An article by Bloomberg writer March Champion in December 2013 is a good illustration of how the sentiment soured. Responding to an Erdogan adviser who accused Western critics of “Orientalism,” Champion wrote: “For many years, like most Western journalists reporting in Turkey, I defended Erdogan and his government against the 'paranoiac' (my word) suspicions of secular Turks who claimed that he had a radical Islamic or authoritarian agenda. … Until a few years ago, the government was praised abroad for [its] achievements, hence the rise of the term the ‘Turkish model.’ If you don't hear much praise now, it's because the liberal reforms stopped several years ago. In areas such as press freedom, they were put into reverse. And while we continue to laud, for example, Erdogan's peace efforts with Kurdish separatists, it would be impossible for us not to report on the disappointment that so many observers, above all inside Turkey, feel as they watch him throw away the chance of greatness. Instead, he is pushing a partisan, ideological agenda for reasons that have mostly to do with consolidating his base ahead of elections next year.”
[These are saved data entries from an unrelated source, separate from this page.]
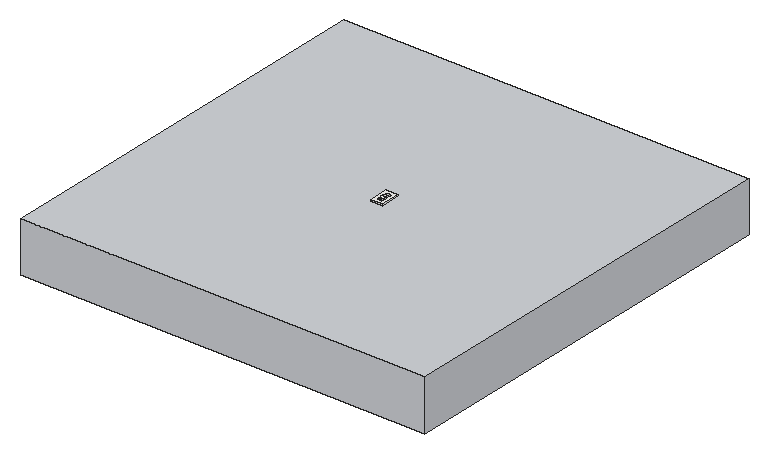
Revit family
Parameters (values of type "Standard")
  Wallstation Material = Plastic - Lutron - White
  Version = 1
  URL = "http://www.lutron.com"
  Series = "seeTouch"
  Product URL = "http://www.lutron.com/PRODUCTS/COMPONENTS/SEETOUCHWALLSTATION/Pages/Overview.aspx"
  Overall Width = 0' - 2 3/4"
  Overall Height = 0' - 4 9/16"
  Overall Depth = 0' - 1 3/8"
  Model = "SQA-3RN-WH-E01"
  Manufacturer Complete Model Number [instance] = ""
  Manufacturer = "Lutron Electronics"  # constant formula
  Label = "SC"
  Description = "Low Voltage 3 Button Wallstation with Raise/Lower"
  Default Elevation = 4' - 0"
  Copyright = "© 2010 Lutron Electronics Co., Inc."  # constant formula
  CADworks URL = "http://www.CADworks.net"
  Assembly Code = "D5020120"
Reference planes (in)
  plane 1 "Center (Front/Back)": y = 0
  plane 2: z = 0
  plane 3 "Center (Left/Right)": x = 0
  plane 4: x = -1.375
  plane 5: x = 1.375
  plane 6: y = 2.28125
  plane 7: y = -2.28125
  plane 8: z = 0.3125
  plane 9: z = -1.0625
  plane 10: z = -0.75
  plane 11: z = 0.4925
  plane 12: z = 0.4025
  plane 13: z = 0.5825
Forms (in)
  Extrusion 1, solid
    sketch origin (0, 0, 0) x (1, 0, 0) y (0, 1, 0)
      loop
        line (-48, 48) -> (-48, -48) -> (48, -48) -> (48, 48) -> (-48, 48)
    from 0 to -12
  Extrusion 2, solid, material "Plastic - Lutron - White" <- "Wallstation Material"
    sketch origin (0, 0, 0) x (1, 0, 0) y (0, 1, 0)
      loop
        line (-1.375, 2.28125) -> (-1.375, -2.28125) -> (1.375, -2.28125) -> (1.375, 2.28125) -> (-1.375, 2.28125)
    from 0 to 0.3125
  Extrusion 3, solid, material "Plastic - Lutron - White" <- "Wallstation Material", detail levels fine
    sketch origin (0, 0, 0) x (1, 0, 0) y (0, 1, 0)
      loop
        arc (-0.68031, 1.37) -> (-0.80737, 1.31737) -> (-0.86, 1.19031) r 0.17969
        line (-0.86, 1.19031) -> (-0.86, -1.19031)
        arc (-0.86, -1.19031) -> (-0.80737, -1.31737) -> (-0.68031, -1.37) r 0.17969
        line (-0.68031, -1.37) -> (0.68031, -1.37)
        arc (0.68031, -1.37) -> (0.80737, -1.31737) -> (0.86, -1.19031) r 0.17969
        line (0.86, -1.19031) -> (0.86, 1.19031)
        arc (0.86, 1.19031) -> (0.80737, 1.31737) -> (0.68031, 1.37) r 0.17969
        line (0.68031, 1.37) -> (-0.68031, 1.37)
    from -0.75 to 0
  Extrusion 4, solid, material "Plastic - Lutron - White" <- "Wallstation Material", detail levels fine
    sketch origin (0, 0, 0) x (1, 0, 0) y (0, 1, 0)
      loop
        line (0.1, 1.2) -> (0.1, 0.41) -> (0.71, 0.41) -> (0.71, 1.2) -> (0.1, 1.2)
      loop
        line (-0.02, -0.47) -> (-0.02, -1.06) -> (0.61, -1.06) -> (0.61, -0.47) -> (-0.02, -0.47)
    from -1.0625 to -0.75
  Extrusion 5, void
    sketch origin (0, 0, 0) x (1, 0, 0) y (0, 1, 0)
      loop
        line (-0.465, 0.51953) -> (-0.465, 0.16031) -> (0.465, 0.16031) -> (0.465, 0.51953) -> (-0.465, 0.51953)
      loop
        line (-0.465, 1.19953) -> (-0.465, 0.84031) -> (0.465, 0.84031) -> (0.465, 1.19953) -> (-0.465, 1.19953)
      loop
        line (-0.465, -0.16047) -> (-0.465, -0.51969) -> (0.465, -0.51969) -> (0.465, -0.16047) -> (-0.465, -0.16047)
      loop
        line (-0.465, -0.84047) -> (-0.465, -1.19969) -> (0.465, -1.19969) -> (0.465, -0.84047) -> (-0.465, -0.84047)
    from 0.25 to 0.3125
  Extrusion 6, void
    sketch origin (0, 0, 0) x (0, 1, 0) y (0, 0, 1)
      loop
        arc (-0.16984, 0.42038) -> (0, 0.4925) -> (0.16984, 0.42038) r 0.23605
        arc (0.16984, 0.42038) -> (0.33969, 0.4925) -> (0.50953, 0.42038) r 0.23605
        arc (0.50953, 0.42038) -> (0.67937, 0.4925) -> (0.84922, 0.42038) r 0.23605
        arc (0.84922, 0.42038) -> (1.01906, 0.4925) -> (1.18891, 0.42038) r 0.23605
        line (1.18891, 0.42038) -> (1.30406, 0.42038) -> (1.30406, 0.6175) -> (-1.30406, 0.6175) -> (-1.30406, 0.42038) -> (-1.18891, 0.42038)
        arc (-1.18891, 0.42038) -> (-1.01906, 0.4925) -> (-0.84922, 0.42038) r 0.23605
        arc (-0.84922, 0.42038) -> (-0.67938, 0.4925) -> (-0.50953, 0.42038) r 0.23605
        arc (-0.50953, 0.42038) -> (-0.33969, 0.4925) -> (-0.16984, 0.42038) r 0.23605
    from -1.375 to 1.375
  Extrusion 7, solid, material "Plastic - Lutron - White" <- "Wallstation Material", detail levels medium+fine
    sketch origin (0, 1.02, 0) x (1, 0, 0) y (0, 1, 0)
      loop
        line (-0.44, 0.16) -> (-0.44, -0.16) -> (0.44, -0.16) -> (0.44, 0.16) -> (-0.44, 0.16)
      loop
        line (-0.44, -1.52) -> (0.44, -1.52) -> (0.44, -1.2) -> (-0.44, -1.2) -> (-0.44, -1.52)
      loop
        line (-0.44, -1.88) -> (-0.44, -2.2) -> (-0.0125, -2.2) -> (-0.0125, -1.88) -> (-0.44, -1.88)
      loop
        line (0.0125, -1.88) -> (0.0125, -2.2) -> (0.44, -2.2) -> (0.44, -1.88) -> (0.0125, -1.88)
      loop
        line (-0.44, -0.84) -> (0.44, -0.84) -> (0.44, -0.52) -> (-0.44, -0.52) -> (-0.44, -0.84)
    from 0.25 to 0.4925
  Extrusion 8, void
    sketch origin (0, 1.02, 0) x (1, 0, 0) y (0, 1, 0)
      loop
        circle (-0.34, 0) r 0.03125
      loop
        circle (-0.34, -1.36) r 0.03125
      loop
        circle (-0.34, -0.68) r 0.03125
    from 0.4025 to 0.5825
Cuts and joins
  Extrusion 5 cuts Extrusion 2
  Extrusion 5 cuts Extrusion 3
  Extrusion 6, Extrusion 8 cuts Extrusion 7
Lines and regions (in)
  symbolic lines, detail levels fine
    curve 1: line (-1.375, 0, 0.3125) -> (1.375, 0, 0.3125)
    curve 2: line (-1.375, 0, 0) -> (-1.375, 0, 0.3125)
    curve 3: line (1.375, 0, 0.3125) -> (1.375, 0, 0)
    curve 4: line (-0.44, 0, 0.4925) -> (0.44, 0, 0.4925)
    curve 5: line (-0.44, 0, 0.3125) -> (-0.44, 0, 0.4925)
    curve 6: line (0.44, 0, 0.4925) -> (0.44, 0, 0.3125)
    curve 7: line (-1.375, 0, 0) -> (1.375, 0, 0)
Dimensions and locks (in)
  equal spacing: plane 4, plane 3 "Center (Left/Right)", plane 5
  "Overall Width": plane 4 to plane 5
  equal spacing: plane 7, plane 1 "Center (Front/Back)", plane 6
  "Overall Height": plane 6 to plane 7
  locked: plane 8 to plane 2 at 0.3125
  "Overall Depth": plane 8 to plane 9
  locked: plane 2 to plane 10 at 0.75
  locked: Extrusion 3 sketch curve to Extrusion 3 sketch curve at 1.72
  equal spacing: Extrusion 3 sketch curve, plane 3 "Center (Left/Right)", Extrusion 3 sketch curve
  locked: Extrusion 3 sketch curve to Extrusion 3 sketch curve at 2.74
  equal spacing: Extrusion 3 sketch curve, plane 1 "Center (Front/Back)", Extrusion 3 sketch curve
  locked: plane 1 "Center (Front/Back)" to Extrusion 4 sketch curve at 0.41
  locked: Extrusion 4 sketch curve to Extrusion 4 sketch curve at 0.79
  locked: Extrusion 4 sketch curve to plane 1 "Center (Front/Back)" at 0.47
  locked: Extrusion 4 sketch curve to Extrusion 4 sketch curve at 0.59
  locked: plane 3 "Center (Left/Right)" to Extrusion 4 sketch curve at 0.61
  locked: Extrusion 4 sketch curve to Extrusion 4 sketch curve at 0.63
  locked: plane 3 "Center (Left/Right)" to Extrusion 4 sketch curve at 0.71
  locked: Extrusion 4 sketch curve to Extrusion 4 sketch curve at 0.61
  locked: cut or joined group of Extrusion 2, Extrusion 5 to plane 9 at 1.3125
  locked: plane 11 to plane 8 at 0.18
  locked: plane 1 "Center (Front/Back)" to Extrusion 6 sketch curve at 0
  locked: Extrusion 6 sketch curve to plane 9 at 1.68
  locked: Extrusion 6 sketch curve to Extrusion 6 sketch curve at 2.60812
  equal spacing: Extrusion 6 sketch curve, plane 1 "Center (Front/Back)", Extrusion 6 sketch curve
  locked: Extrusion 6 sketch curve to plane 9 at 1.48288
  equal spacing: Extrusion 6 sketch curve, Extrusion 6 sketch curve, Extrusion 6 sketch curve, Extrusion 6 sketch curve, Extrusion 6 sketch curve, Extrusion 6 sketch curve, Extrusion 6 sketch curve, Extrusion 6 sketch curve
  plane 11 to Extrusion 6 sketch curve to Extrusion 6 sketch curve to Extrusion 6 sketch curve to Extrusion 6 sketch curve to Extrusion 6 sketch curve to Extrusion 6 sketch curve to Extrusion 6 sketch curve = 0' - 0" locked, 0' - 0" locked, 0' - 0" locked, 0' - 0" locked, 0' - 0" locked, 0' - 0" locked, 0' - 0" locked
  Extrusion 8 sketch curve to Extrusion 8 sketch curve to plane 5 = 0' - 0" locked, 0' - 1.715" locked
  plane 7 to Extrusion 8 sketch curve to Extrusion 8 sketch curve = 0' - 1.94125" locked, 0' - 1.36" locked
  equal spacing: plane 13, plane 11, plane 12
  locked: plane 13 to plane 12 at 0.18
  equal spacing: Extrusion 5 sketch curve, plane 3 "Center (Left/Right)", Extrusion 5 sketch curve
  locked: Extrusion 5 sketch curve to Extrusion 5 sketch curve at 0.93
  plane 7 to Extrusion 5 sketch curve to Extrusion 5 sketch curve to Extrusion 5 sketch curve to Extrusion 5 sketch curve = 0' - 2.44156" locked, 0' - 0.35922" locked, 0' - 0.32078" locked, 0' - 0.35922" locked
  plane 6 to Extrusion 5 sketch curve to Extrusion 5 sketch curve to Extrusion 5 sketch curve to Extrusion 5 sketch curve = 0' - 2.44172" locked, 0' - 0.35922" locked, 0' - 0.32078" locked, 0' - 0.35922" locked
  equal spacing: Extrusion 7 sketch curve, plane 3 "Center (Left/Right)", Extrusion 7 sketch curve  (x2)
  locked: Extrusion 7 sketch curve to Extrusion 7 sketch curve at 0.88
  locked: Extrusion 7 sketch curve to Extrusion 7 sketch curve at 0.025
  plane 7 to Extrusion 7 sketch curve to Extrusion 7 sketch curve to Extrusion 7 sketch curve to Extrusion 7 sketch curve = 0' - 2.46125" locked, 0' - 0.32" locked, 0' - 0.36" locked, 0' - 0.32" locked
  plane 6 to Extrusion 7 sketch curve to Extrusion 7 sketch curve to Extrusion 7 sketch curve to Extrusion 7 sketch curve = 0' - 2.46125" locked, 0' - 0.32" locked, 0' - 0.36" locked, 0' - 0.32" locked
  locked: Extrusion 8 sketch curve to plane 5 at 1.715
  locked: plane 7 to Extrusion 8 sketch curve at 2.62125
  radius of Extrusion 3 sketch curve = 0' - 0 23/128"  (x4)
  radius of Extrusion 8 sketch curve = 0' - 0 1/32"  (x3)
  aligned and locked: plane 2 to Extrusion 1
  aligned and locked: level to Extrusion 1
  aligned and locked: Extrusion 2 sketch curve to plane 6
  aligned and locked: plane 4 to Extrusion 2 sketch curve
  aligned and locked: Extrusion 2 sketch curve to plane 7
  aligned and locked: Extrusion 2 sketch curve to plane 5
  aligned and locked: Extrusion 2 to plane 2
  aligned and locked: plane 8 to Extrusion 2
  aligned and locked: Extrusion 3 to plane 10
  aligned and locked: plane 2 to Extrusion 3
  aligned and locked: Extrusion 4 to plane 9
  aligned and locked: plane 10 to Extrusion 4
  aligned and locked: plane 8 to cut or joined group of Extrusion 2, Extrusion 5
  aligned and locked: Extrusion 6 sketch curve to Extrusion 6 sketch curve
  aligned and locked: plane 4 to curve 2
  aligned and locked: curve 1 to plane 8
  aligned and locked: curve 3 to plane 5
  aligned and locked: curve 4 to plane 11
  aligned and locked: plane 1 "Center (Front/Back)" to nested 1
  aligned and locked: plane 3 "Center (Left/Right)" to nested 1
  aligned and locked: plane 11 to Extrusion 7
  aligned: Extrusion 8 to plane 8
  aligned and locked: Extrusion 7 sketch curve to Extrusion 7 sketch curve  (x8)
  aligned: cut or joined group of Extrusion 2, Extrusion 5 to cut or joined group of Extrusion 2, Extrusion 5
  aligned: plane 8 to cut or joined group of Extrusion 2, Extrusion 5
  aligned and locked: Extrusion 8 to plane 13
  aligned and locked: Extrusion 8 to plane 12
  aligned and locked: Extrusion 5 sketch curve to Extrusion 5 sketch curve  (x6)
  aligned and locked: plane 5 to Extrusion 6
  aligned and locked: Extrusion 6 to plane 4
  aligned and locked: cut or joined group of Extrusion 2, Extrusion 5 to cut or joined group of Extrusion 6, Extrusion 7, Extrusion 8
  aligned and locked: cut or joined group of Extrusion 2, Extrusion 5 to plane 2
  aligned and locked: curve 5 to cut or joined group of Extrusion 6, Extrusion 7, Extrusion 8
  aligned and locked: curve 6 to cut or joined group of Extrusion 6, Extrusion 7, Extrusion 8
  aligned and locked: curve 7 to plane 2
Automatic sketch dimensions
  Extrusion 1 sketch curve to Extrusion 1 sketch curve = 8' - 0"  (x2)
  Extrusion 6 sketch curve to Extrusion 6 sketch curve = 0' - 0.11516"
  Extrusion 6 sketch curve to plane 8 = 0' - 0.05605"  (x5)
  Extrusion 6 sketch curve to Extrusion 6 sketch curve = 0' - 0.16984"
Nested families (in)
  nested 1: "Switch Annotation" at (0, 0, 0), type "Switch Annotation", detail levels coarse+medium
Connectors (in)
  electrical at (0, 1.37, -0.375)
    settings: on cut or joined group of Extrusion 3, Extrusion 5, index 1, voltage 0 V, apparent load 0 VA, apparent load phase1 0 VA, apparent load phase2 0 VA, apparent load phase3 0 VA, power factor 1, load classification "Other", number of poles 1, system type 13, power factor state 1, is connector primary yes, connector utility no, sub classification motor no, connector description "Control Connection"
Definition of nested family "Switch Annotation"
  Parameters (values of type "Switch Annotation")
    Label = "LC"
  Reference planes (in)
    plane 1: y = 0
    plane 2: x = 0
  Lines and regions (in)
    detail lines
      curve 1: line (0, 0.125, 0) -> (0, 0, 0)
      curve 3: arc (0.01506, 0.11153, 0) -> (-0.02442, 0.09683, 0) -> (0, 0.0625, 0) r 0.02655
      curve 4: arc (0, 0.0625, 0) -> (0.01543, 0.02147, 0) -> (-0.02827, 0.02483, 0) r 0.02599
    reference lines
      curve 2: line (0, 0.0625, 0) -> (-0.11983, 0.0625, 0)
      curve 5: line (0.10095, -0.04722, 0) -> (0.10095, 0.09386, 0)
      curve 6: line (0.10095, -0.04722, 0) -> (0.28349, -0.04722, 0)
      curve 7: line (0.10095, 0.04579, 0) -> (0.31014, 0.04579, 0)
  Text (in)
    label "2" at (0.1048, 0.12997, 0), shows "Label"
  Dimensions and locks (in)
    locked: curve 6 to curve 7 at 0.09301
    locked: curve 1 to curve 5 at 0.10095
    locked: curve 1 to curve 1 at 0.125
    locked: plane 1 to curve 2 at 0.0625
    aligned and locked: curve 1 to curve 2
    aligned and locked: curve 3 to curve 2
    aligned and locked: curve 4 to curve 2
    aligned and locked: plane 1 to curve 1
    aligned and locked: curve 1 to plane 2
    aligned and locked: plane 2 to curve 1

In short, the Western media’s anti-Erdogan stance was fueled by Erdogan’s own “partisan, ideological agenda.” It is thus a bit contradictory to demonize “Western agents” and “modern-day Lawrences of Arabia” on a daily basis, and then complain of Western media bias. It is a vicious cycle, in which the rhetoric of hatred and conspiracy Ankara has employed since the Gezi protests holds the primary blame.
Absent this deeply anti-Western rhetoric, things would have been much better today both for the West and Turkey and the Muslim world in general. Turkey would have had more credibility and influence when defending rightful arguments on Palestinian rights, the coup in Egypt or injustices in the international system, and its criticisms could have served as a constructive contribution to the West. Today, however, those issues have become bombastic material for domestic consumption, amounting to nothing but “a Muslim’s propaganda to a Muslim.”
In sum, no shadowy powers have “pressed the button” against Erdogan’s government. And if any “button” might have driven Turkey and the West apart, it was pressed by the Turkish government before anyone else. The acknowledgement of this fact is a must for Ankara, if relations with the West — and Turkey itself — are to be normalized.